WORK REQUEST
The records that follow are to be repeated exactly, with no pictures carried over.

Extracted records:
....................
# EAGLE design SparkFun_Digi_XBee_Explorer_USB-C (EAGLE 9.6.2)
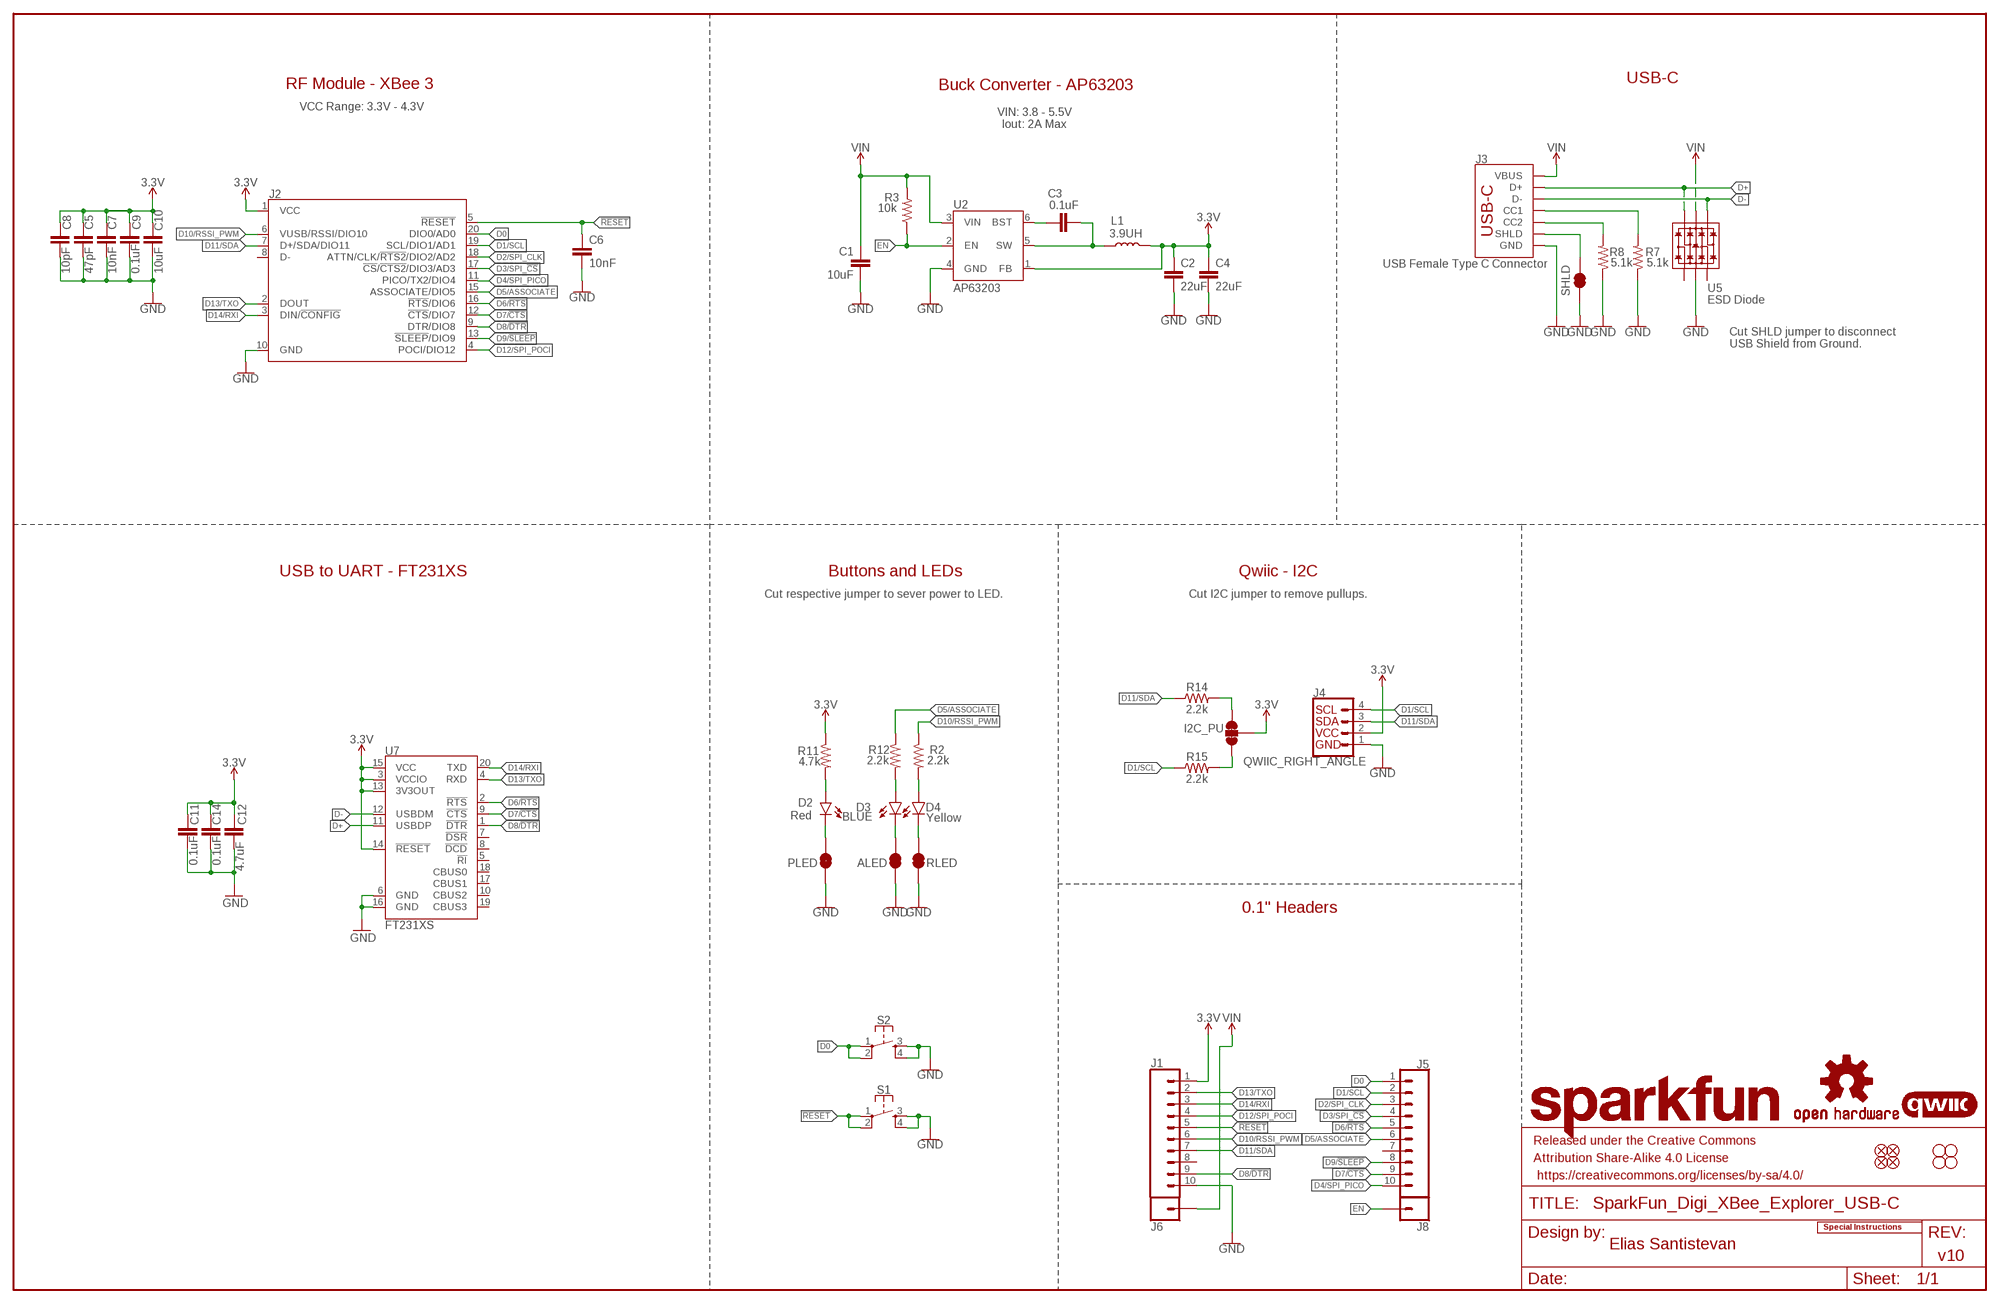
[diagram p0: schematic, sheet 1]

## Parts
ALED  JUMPER-SMT_2_NC_TRACE_SILK  [SMT-JUMPER_2_NC_TRACE_SILK]
C1  10uF  10UF-1210-50V-20%  [1210]
C2  22uF  22UF-0603-6.3V-20%  [0603]
C3  0.1uF  0.1UF-0603-25V-5%  [0603]
C4  22uF  22UF-0603-6.3V-20%  [0603]
C5  47pF  47PF-0603-50V-5%  [0603]
C6  10nF  10NF-0603-50V-10%  [0603]
C7  10nF  10NF-0603-50V-10%  [0603]
C8  10pF  10PF-0603-50V-5%  [0603]
C9  0.1uF  0.1UF-0603-25V-(+80/-20%)  [0603]
C10  10uF  10UF-0603-6.3V-20%  [0603]
C11  0.1uF  0.1UF-0603-25V-(+80/-20%)  [0603]
C12  4.7uF  4.7UF-0603-6.3V-(10%)  [0603]
C14  0.1uF  0.1UF-0603-25V-(+80/-20%)  [0603]
D2  Red  LED-RED_0603-KB  [LED-0603]
D3  BLUE  LED-BLUE0603  [LED-0603]
D4  Yellow  LED-YELLOW0603  [LED-0603]
FD1  FIDUCIAL1X2  [FIDUCIAL-1X2]
FD2  FIDUCIAL1X2  [FIDUCIAL-1X2]
FD3  FIDUCIAL1X2  [FIDUCIAL-1X2]
FD4  FIDUCIAL1X2  [FIDUCIAL-1X2]
FRAME1  FRAME-LEDGER  [CREATIVE_COMMONS]
H1  STAND-OFFTIGHT  [STAND-OFF-TIGHT]
H2  STAND-OFFTIGHT  [STAND-OFF-TIGHT]
H3  STAND-OFFTIGHT  [STAND-OFF-TIGHT]
H4  STAND-OFFTIGHT  [STAND-OFF-TIGHT]
I2C_PU  JUMPER-SMT_3_2-NC_TRACE_SILK  [SMT-JUMPER_3_2-NC_TRACE_SILK]
J1  CONN_01PTH_NO_SILK_STAND  [1X01_NO_SILK_STAND]
J2  XBEE_UPDATEXBEE_SMD  [XBEE3-SMD]
J3  USB Female Type C Connector  USB_C_4-LAYER-ISOLATED  [USB-C-16P-4LAYER-ISOLATED]
J4  QWIIC_RIGHT_ANGLE  QWIIC_CONNECTORJS-1MM  [JST04_1MM_RA]
J5  CONN_10NO_SILK_PTH_FEMALE  [1X10_NO_SILK]
J6  CONN_10NO_SILK_PTH_FEMALE  [1X10_NO_SILK]
J8  CONN_01PTH_NO_SILK_STAND  [1X01_NO_SILK_STAND]
L1  3.9UH  [INDUCTOR_3.9UH]
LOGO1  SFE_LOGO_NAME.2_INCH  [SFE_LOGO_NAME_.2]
....................
RESULT OF THIS TASK
# EAGLE design SparkFun_Digi_XBee_Explorer_USB-C (EAGLE 9.6.2)
[diagram p0: schematic, sheet 1]

## Parts
ALED  JUMPER-SMT_2_NC_TRACE_SILK  [SMT-JUMPER_2_NC_TRACE_SILK]
C1  10uF  10UF-1210-50V-20%  [1210]
C2  22uF  22UF-0603-6.3V-20%  [0603]
C3  0.1uF  0.1UF-0603-25V-5%  [0603]
C4  22uF  22UF-0603-6.3V-20%  [0603]
C5  47pF  47PF-0603-50V-5%  [0603]
C6  10nF  10NF-0603-50V-10%  [0603]
C7  10nF  10NF-0603-50V-10%  [0603]
C8  10pF  10PF-0603-50V-5%  [0603]
C9  0.1uF  0.1UF-0603-25V-(+80/-20%)  [0603]
C10  10uF  10UF-0603-6.3V-20%  [0603]
C11  0.1uF  0.1UF-0603-25V-(+80/-20%)  [0603]
C12  4.7uF  4.7UF-0603-6.3V-(10%)  [0603]
C14  0.1uF  0.1UF-0603-25V-(+80/-20%)  [0603]
D2  Red  LED-RED_0603-KB  [LED-0603]
D3  BLUE  LED-BLUE0603  [LED-0603]
D4  Yellow  LED-YELLOW0603  [LED-0603]
FD1  FIDUCIAL1X2  [FIDUCIAL-1X2]
FD2  FIDUCIAL1X2  [FIDUCIAL-1X2]
FD3  FIDUCIAL1X2  [FIDUCIAL-1X2]
FD4  FIDUCIAL1X2  [FIDUCIAL-1X2]
FRAME1  FRAME-LEDGER  [CREATIVE_COMMONS]
H1  STAND-OFFTIGHT  [STAND-OFF-TIGHT]
H2  STAND-OFFTIGHT  [STAND-OFF-TIGHT]
H3  STAND-OFFTIGHT  [STAND-OFF-TIGHT]
H4  STAND-OFFTIGHT  [STAND-OFF-TIGHT]
I2C_PU  JUMPER-SMT_3_2-NC_TRACE_SILK  [SMT-JUMPER_3_2-NC_TRACE_SILK]
J1  CONN_01PTH_NO_SILK_STAND  [1X01_NO_SILK_STAND]
J2  XBEE_UPDATEXBEE_SMD  [XBEE3-SMD]
J3  USB Female Type C Connector  USB_C_4-LAYER-ISOLATED  [USB-C-16P-4LAYER-ISOLATED]
J4  QWIIC_RIGHT_ANGLE  QWIIC_CONNECTORJS-1MM  [JST04_1MM_RA]
J5  CONN_10NO_SILK_PTH_FEMALE  [1X10_NO_SILK]
J6  CONN_10NO_SILK_PTH_FEMALE  [1X10_NO_SILK]
J8  CONN_01PTH_NO_SILK_STAND  [1X01_NO_SILK_STAND]
L1  3.9UH  [INDUCTOR_3.9UH]
LOGO1  SFE_LOGO_NAME.2_INCH  [SFE_LOGO_NAME_.2]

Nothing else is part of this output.